Se espera que a mediodía la crecida llegue a Alagón y que se deje notar en la madrugada de este martes en Zaragoza.
Previsión

Desde la CHE aseguran que los caudales máximos del Ebro en Zaragoza se registrarán entre esta tarde y este martes por la tarde, con un máximo de referencia de 1.800 metros cúbicos por segundo, un poco inferior a la riada que tuvo lugar en 2003.

La CHE ha calificado este episodio de "ordinario" en el tramo del Ebro que discurre por Aragón, a pesar de que fue "extraordinaria" aguas arriba, en Burgos, La Rioja o Navarra, debido a las elevadas aportaciones de los afluentes de la margen izquierda, que han provocado que los niveles del Ebro hayan subido en esas zonas por encima de los que se registraron en la gran riada de 2003.

Sin embargo, el río Aragón ha tenido un comportamiento normal, sus aportaciones han sido absorbidas sin ningún problema por el pantano de Yesa y eso ha hecho posible que la riada en la comunidad aragonesa tenga menos nivel y se haya calificado por eso de ordinaria, ha precisado el organismo de cuenca
Calma desde la DGA

El consejero de Política Territorial e Interior del Gobierno de Aragón, Antonio Suárez, ha explicado que la crecida del Ebro solo ha afectado a cultivos y cosechas de las zonas ribereñas pero que ésta no va a producir daños en los cascos urbanos y, mucho menos, a las personas.

En declaraciones proporcionadas por el ejecutivo autonómico, Suárez ha insistido que se están cumpliendo las previsiones.

La situación que se ha producido ahora es muy similar a la de 2013, ha reiterado el consejero.
También ha añadido que aunque la cresta de la riada pase este martes por Zaragoza, "habrá que estar al tanto", porque a partir de la noche de mañana "se vuelve a complicar" el tiempo con nuevas lluvias.
No obstante, ha recordado que está activado el plan especial de emergencias por inundaciones.
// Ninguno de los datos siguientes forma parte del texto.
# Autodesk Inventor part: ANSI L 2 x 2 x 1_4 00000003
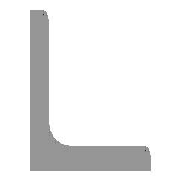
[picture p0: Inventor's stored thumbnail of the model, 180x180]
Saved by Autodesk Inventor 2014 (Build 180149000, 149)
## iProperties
_FrameMemberDoc: Frame Member File
_Version: 15.0.0
_CCFamilyMember: 11
_CCFamilyDisplayName: ANSI L (Equal angles) - Angle Steel
Created: 2007-02
Part Number: ANSI L 2 x 2 x 1_4 00000003
Material: Steel, Mild
Document SubType Name: Modeling
Standard: AISC
Designer: Autodesk, Inc.
Size Designation: L 2 x 2 x 1/4
Stock Number: L 2 x 2 x 1/4
Density: 7.86 g/cm^3
Description: Angle Steel
Standards Organization: ANSI
Language: en-US
Categories: <MemberInstance><Categories><Category DisplayName="Structural Shapes" InternalName="089c4875-fa83-4c05-b084-43b9cc11f5ed" Mnemonic="GRDR"><CategoryParameter Dis
Mass: 4968.52 g
Surface Area: 2066.09 cm^2
Volume: 632.127 cm^3
Appearance: Steel
IsCustomPart: 1
G_L: 42.000 in
G_W: 2.000 in
G_H: 2.000 in
+83905929-4DA7-493A-BC2A-CF29B1304FE5+CUTDETAIL1: Miter 45.00 deg
+DBC74A79-B4E1-4546-89DD-9F49D268AF4C+CUTDETAIL2: Miter 45.00 deg
Author: Autodesk, Inc.
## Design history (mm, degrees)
node "Start plane"
node "End plane"
sketch "Sketch"
  geometry: L1 (50.8, 0)-(0, 0); L2 (0, 0)-(0, 50.8); L3 (0, 50.8)-(3.302, 50.8); L4 (6.35, 47.752)-(6.35, 12.7); L5 (12.7, 6.35)-(47.752, 6.35); L6 (50.8, 3.302)-(50.8, 0); L7 (0, -11.041)-(0, 31.538); L8 (-11.041, 0)-(31.538, 0); L9 (0, 63.926)-(0, -23.536) reference; L10 (-23.536, 0)-(63.926, 0) reference; A1 r 6.35 centre (12.7, 12.7) between (6.35, 12.7) and (12.7, 6.35); A2 r 3.048 centre (3.302, 47.752) between (6.35, 47.752) and (3.302, 50.8); A3 r 3.048 centre (47.752, 3.302) between (50.8, 3.302) and (47.752, 6.35); 3 further points
  constraints: 16 end point, 6 point on circle, 6 point on line, 6 tangent, 4 parallel, 3 centre point, 2 collinear, 1 equal radius, 1 horizontal, 1 perpendicular
  dimensions: "d0" = 50.8 distance between parallel lines of L6 L2 (= G_H); "d1" = 50.8 distance between parallel lines of L3 L1 (= G_H); "d2" = 6.35 distance between parallel lines of L2 L4 (= G_T); "d3" = 6.35 distance between parallel lines of L1 L5 (= G_T); "d10" = 0 distance between parallel lines of L7 L2 (computed from ex); "d11" = 0 distance between parallel lines of L8 L1 (computed from d10); "d14" = 6.35 radius of A1 (= G_IR); "d15" = 3.048 radius of A2 (= G_ER)
extrude "Body" new body sketch "Sketch" stored distance "d4" = 1066.8 (= G_L); taper "d5" = 0 deg
node "Driven Length"
  sketch "Sketch3"
    geometry: L1 (0, 0)-(10, 0) reference
    constraints: 2 end point, 1 horizontal
  workplane "Work Plane5"
  sketch "Sketch4"
    geometry: L1 (-2, -6.35)-(12, -6.35) reference; L2 (-2, 1060.45)-(12, 1060.45) reference
    dimensions: "d17" = 1066.8 distance between parallel lines of L1 L2 (derived)
workplane "Work Plane3"
split "Split1"
workplane "Work Plane4"
split "Split2"
body "Solid1"
other parameters: "G_H" = 50.8 [user parameter; used in 2 equation terms], "G_T" = 6.35 [user parameter; used in 2 equation terms], "G_ER" = 3.048 [user parameter; used in 1 equation term], "G_IR" = 6.35 [user parameter; used in 1 equation term], "G_L" = 1066.8 (= d17) [user parameter; used in 1 equation term], "ex" = 0 [user parameter; used in 1 equation term], "G_OFFSET_START" = 6.35 [user parameter; used in 1 equation term], "G_OFFSET_END" = 6.35 [user parameter; used in 1 equation term], "d12" = -6.35 (= -G_OFFSET_START), "d13" = 1060.45 (= G_OFFSET_END + B_L), "B_L" = 1054.1 [user parameter; used in 1 equation term], "d16" = 90 deg

http://www.heraldo.es/noticias/arago...36615_300.html

----------

FEDE (02-feb-2015),Jonasino (02-feb-2015)

----------


## pablovelasco

Cuánta agua que se está tirando al mar, y que embalsada y encauzada, podría hacer tanto bien. Luego dicen que no sobra agua del Ebro, y están que se ahogan, pero bueno, para ellos la peseta.

----------


## NoRegistrado

Todavía no te has querido enterar de que una avenida no se puede trasvasar. En el hilo "desastre embalse de Entrepeñas" en el que tanto has participado, te lo ha explicado un especialista. Y tú vuelves otra vez con la misma cantinela. Mariano, no sé para qué se esfuerzan en explicarte las cosas.

 Saludos. Miguel.

----------


## pablovelasco

No, Antonio, las avenidas no sé si se podrán trasvasar, pero almacenar, y limitar, seguro, por eso lo de los embalses. Y el agua de los embalses seguro que se puede trasvasar. En cualquier caso, hasta sin crecidas el Ebro da agua para un trasvase. Con la cuenca al 73%, y muchos embalses soltando agua a mansalva para responder a la crecida, hay agua para todos, pero los políticos han preferido que se tire al mar.
Tampoco quiero abrir un debate sobre trasvase ebro si, o no, Antonio, así que dejémoslo estar. Que los ribereños del Ebro que dicen que no sobra ni un litro de agua aguanten las inundaciones.

----------


## F. Lázaro

> Cuánta agua que se está tirando al mar, y que embalsada y encauzada, podría hacer tanto bien. Luego dicen que no sobra agua del Ebro, y están que se ahogan, pero bueno, para ellos la peseta.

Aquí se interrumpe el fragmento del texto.